Department of Electrical and Computer Engineering, Indiana University-Purdue University Indianapolis (IUPUI), Indianapolis, IN, 46202, USA.
Indiana University School of Medicine, 340 W. 10th St, Indianapolis, IN, 46202, USA; Regenstrief Institute, Inc., 1101 W. 10th Street, Indianapolis, IN, 46202, USA.
Comput Biol Med. 2024 Nov;182:109144. doi: 10.1016/j.compbiomed.2024.109144. Epub 2024 Sep 18.
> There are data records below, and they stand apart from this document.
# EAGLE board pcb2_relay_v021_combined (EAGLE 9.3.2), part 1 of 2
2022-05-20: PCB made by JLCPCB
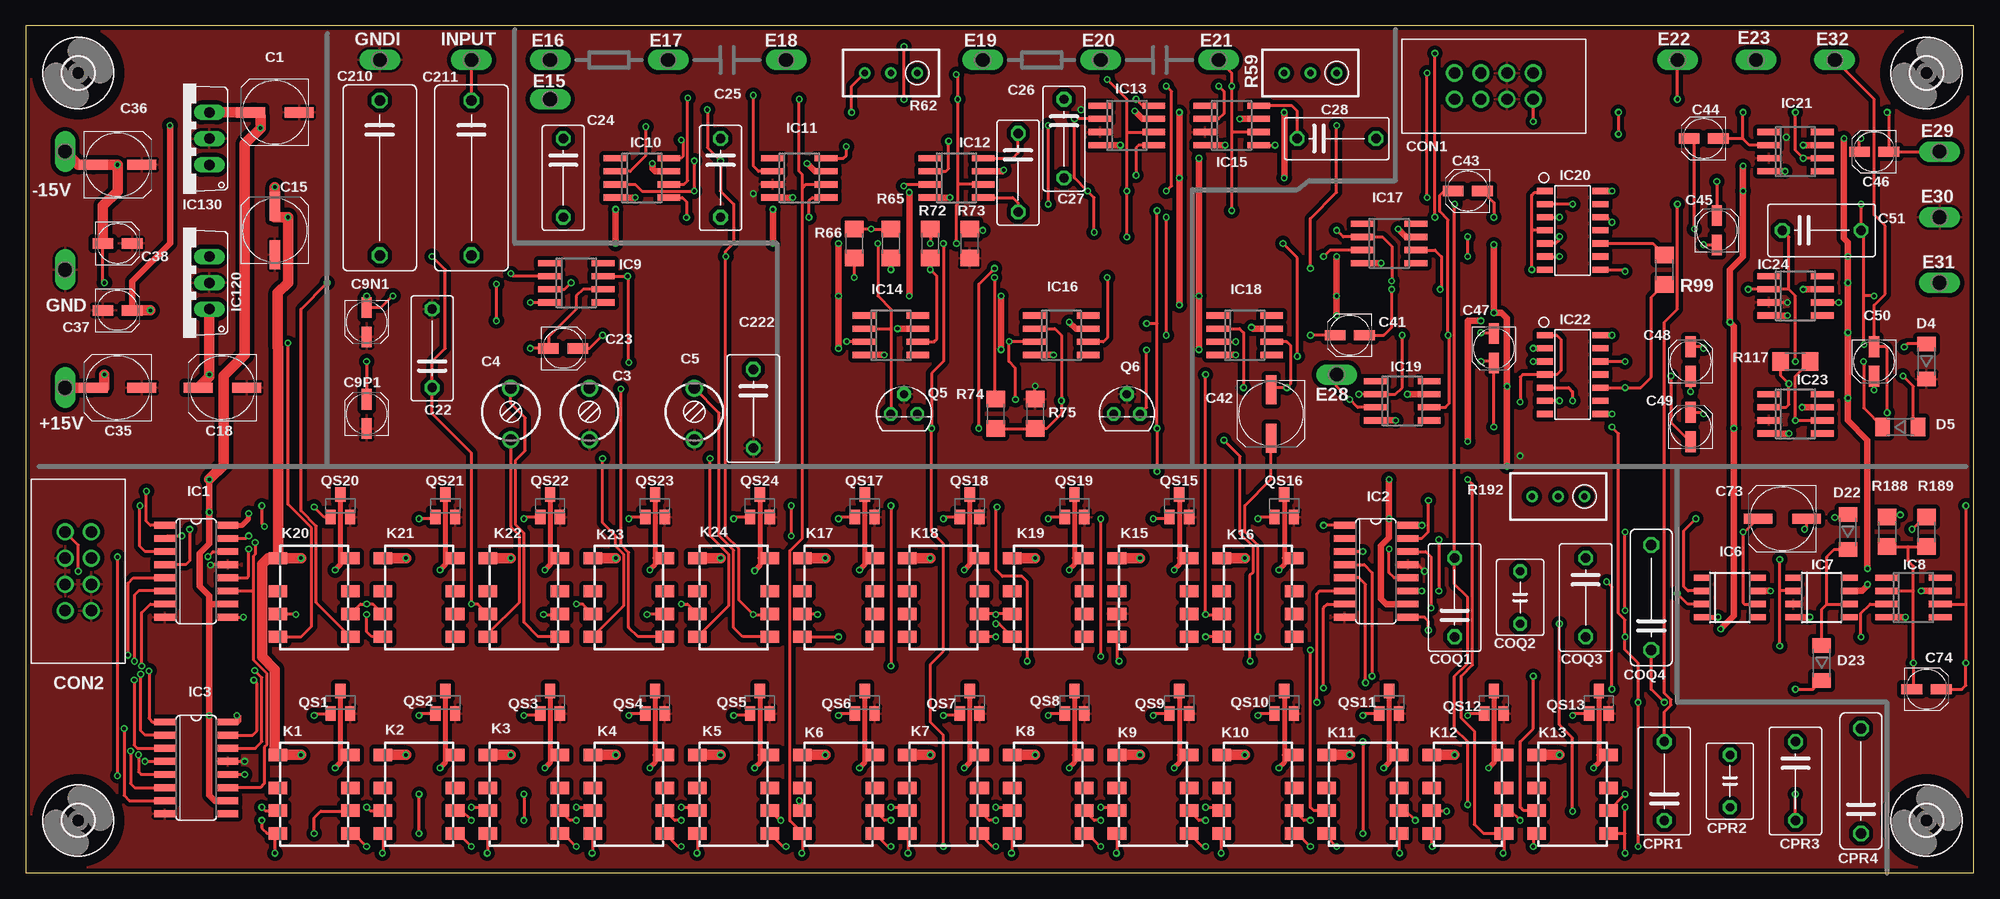
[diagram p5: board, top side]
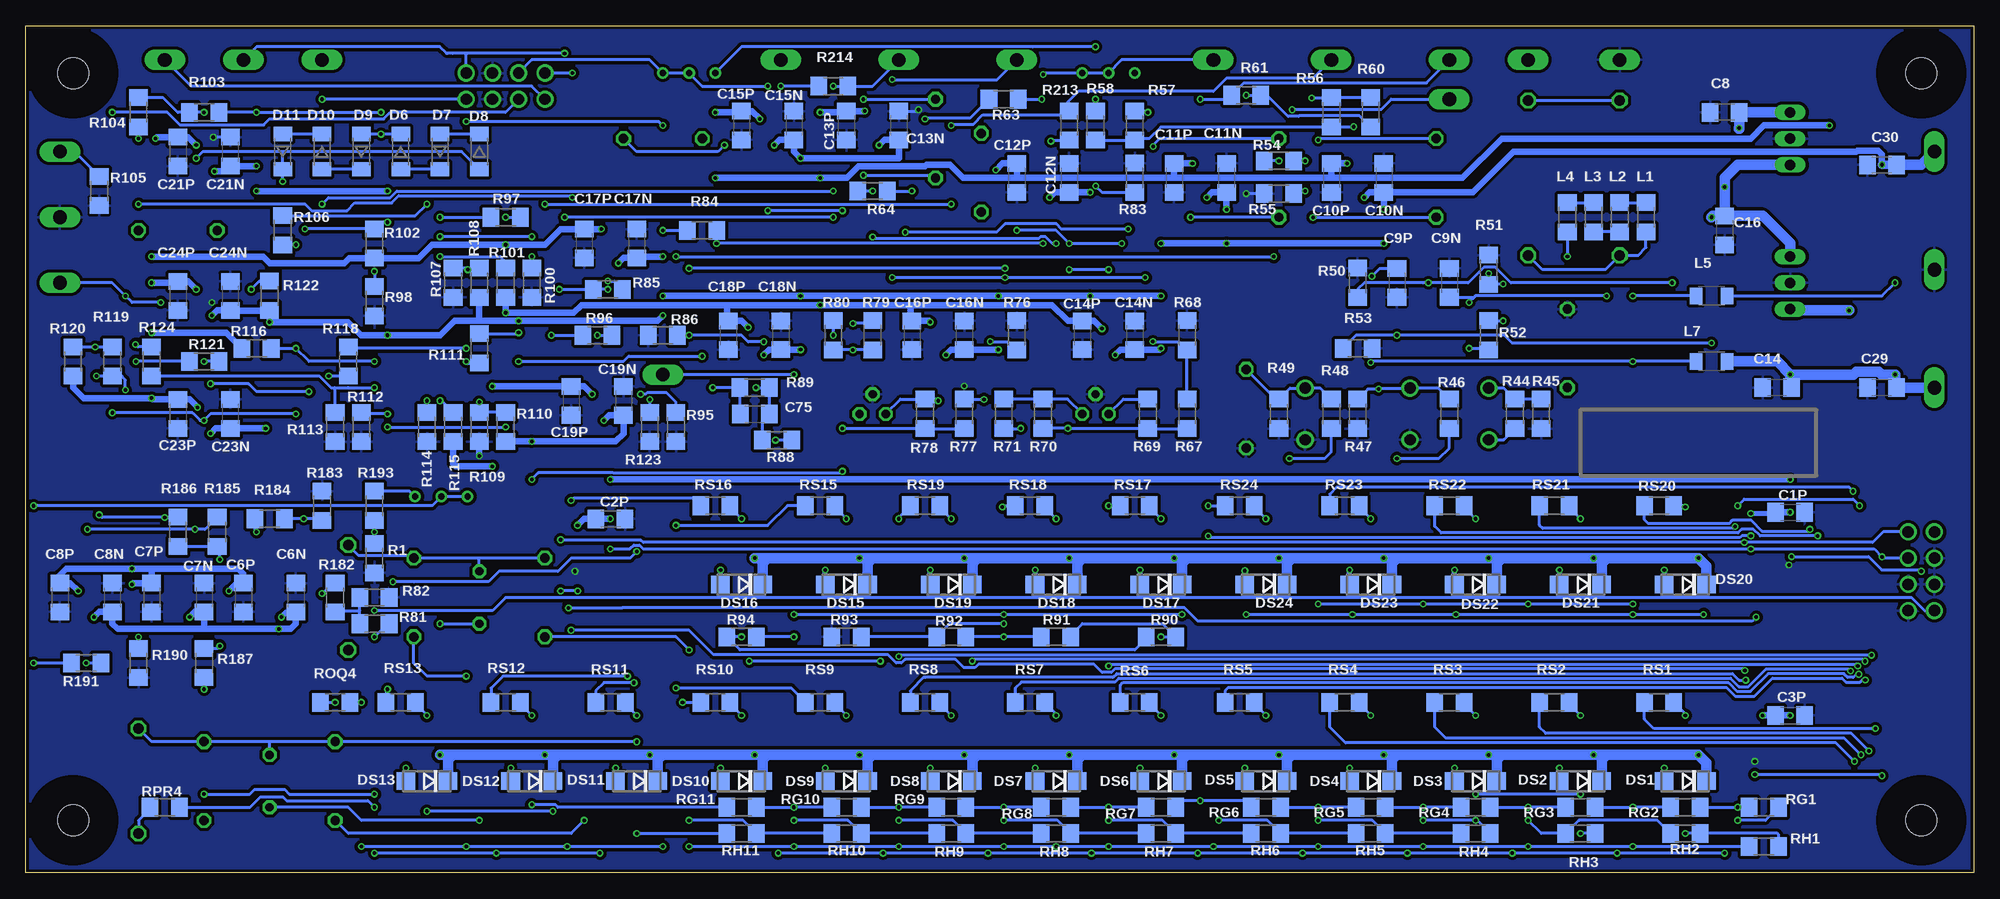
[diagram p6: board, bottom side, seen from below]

Size 188.72 x 82.04 mm. Coordinates in mm from the lower left corner, seen from the top.
Outline: 0,0 188.72,0 188.72,82.04 0,82.04 0,0
Copper layers (1*16): Top 0.035mm / dielectric 1.5mm / Bottom 0.035mm
Design rules "ITEADstudio_DRC for Eagle v6": minimum track width 6mil, minimum drill 12mil, track to track 6mil, track to pad 6mil, pad to pad 6mil, via to via 6mil, smd to smd 0mil, copper to edge 10mil, drill to drill 10mil, minimum pad ring 10mil, minimum via ring 6mil, stop-mask expansion 2mil, vias tented up to drill 100mil, thermal gap 10mil

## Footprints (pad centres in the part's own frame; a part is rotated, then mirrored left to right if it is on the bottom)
P1-13Y = drill 1.321 pad 1.905 long: TP 0,0
UD-6,3X5,8_NICHICON = smd 2.8 x 1: + 2.35,0; - -2.35,0
C1206 = smd 1.6 x 1.8: 1 -1.4,0; 2 1.4,0
CTRIM3050.504 = drill 1.1: 1 -2.5,0; 2 2.5,0
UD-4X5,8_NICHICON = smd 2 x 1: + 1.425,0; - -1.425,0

Several general-purpose language model (LM) architectures have been proposed with demonstrated improvement in text summarization and classification. Adapting these architectures to the medical domain requires additional considerations. For instance, the medical history of the patient is documented in the Electronic Health Record (EHR) which includes many medical notes drafted by healthcare providers. Direct processing of these notes may not be possible because the computational complexity of LMs imposes a limit on the length of input text. Therefore, previous applications resorted to content selection using truncation or summarization of the text. Unfortunately, these text processing techniques may lead to information loss, redundancy or irrelevance. In the present paper, a decision-focused content selection technique is proposed. The objective of this technique is to select a subset of sentences from the medical notes of a patient that are relevant to the target outcome over a predefined observation period. This decision-focused content selection methodology is then used to develop a dementia risk prediction model based on the Longformer LM architecture. The results show that the proposed framework delivers an AUC of 78.43 when the summary is restricted to 1024 tokens, outperforming previously proposed content selection techniques. This performance is notable given that the model estimates dementia risk with a one year prediction horizon, relies on an observation period of only one year and solely uses medical notes without other EHR data modalities. Moreover, the proposed techniques overcome the limitation of machine learning models that use a tabular representation of the text by preserving contextual content, enable feature engineering from raw text and circumvent the computational complexity of language models.
已经提出了几种通用语言模型 (LM) 架构,这些架构在文本摘要和分类方面表现出了显著的改进。将这些架构应用于医学领域需要额外的考虑。例如,患者的病史记录在电子健康记录 (EHR) 中,其中包括许多由医疗保健提供者起草的医疗记录。由于语言模型的计算复杂度对输入文本的长度有限制,因此直接处理这些记录可能是不可能的。因此,以前的应用程序采用使用截断或摘要的方法来选择内容。不幸的是,这些文本处理技术可能会导致信息丢失、冗余或不相关。在本文中,提出了一种基于决策的内容选择技术。该技术的目标是从患者的医疗记录中选择与目标结果相关的句子子集,这些句子在预定义的观察期内。然后,使用这种基于决策的内容选择方法来基于 Longformer LM 架构开发痴呆风险预测模型。结果表明,当摘要限制为 1024 个令牌时,所提出的框架提供了 78.43 的 AUC,优于以前提出的内容选择技术。鉴于该模型使用仅一年的观察期和仅使用医疗记录而不使用其他 EHR 数据模式来预测一年的痴呆风险,该性能是显著的。此外,所提出的技术通过保留上下文内容、从原始文本中进行特征工程以及规避语言模型的计算复杂性,克服了使用文本的表格表示形式的机器学习模型的局限性。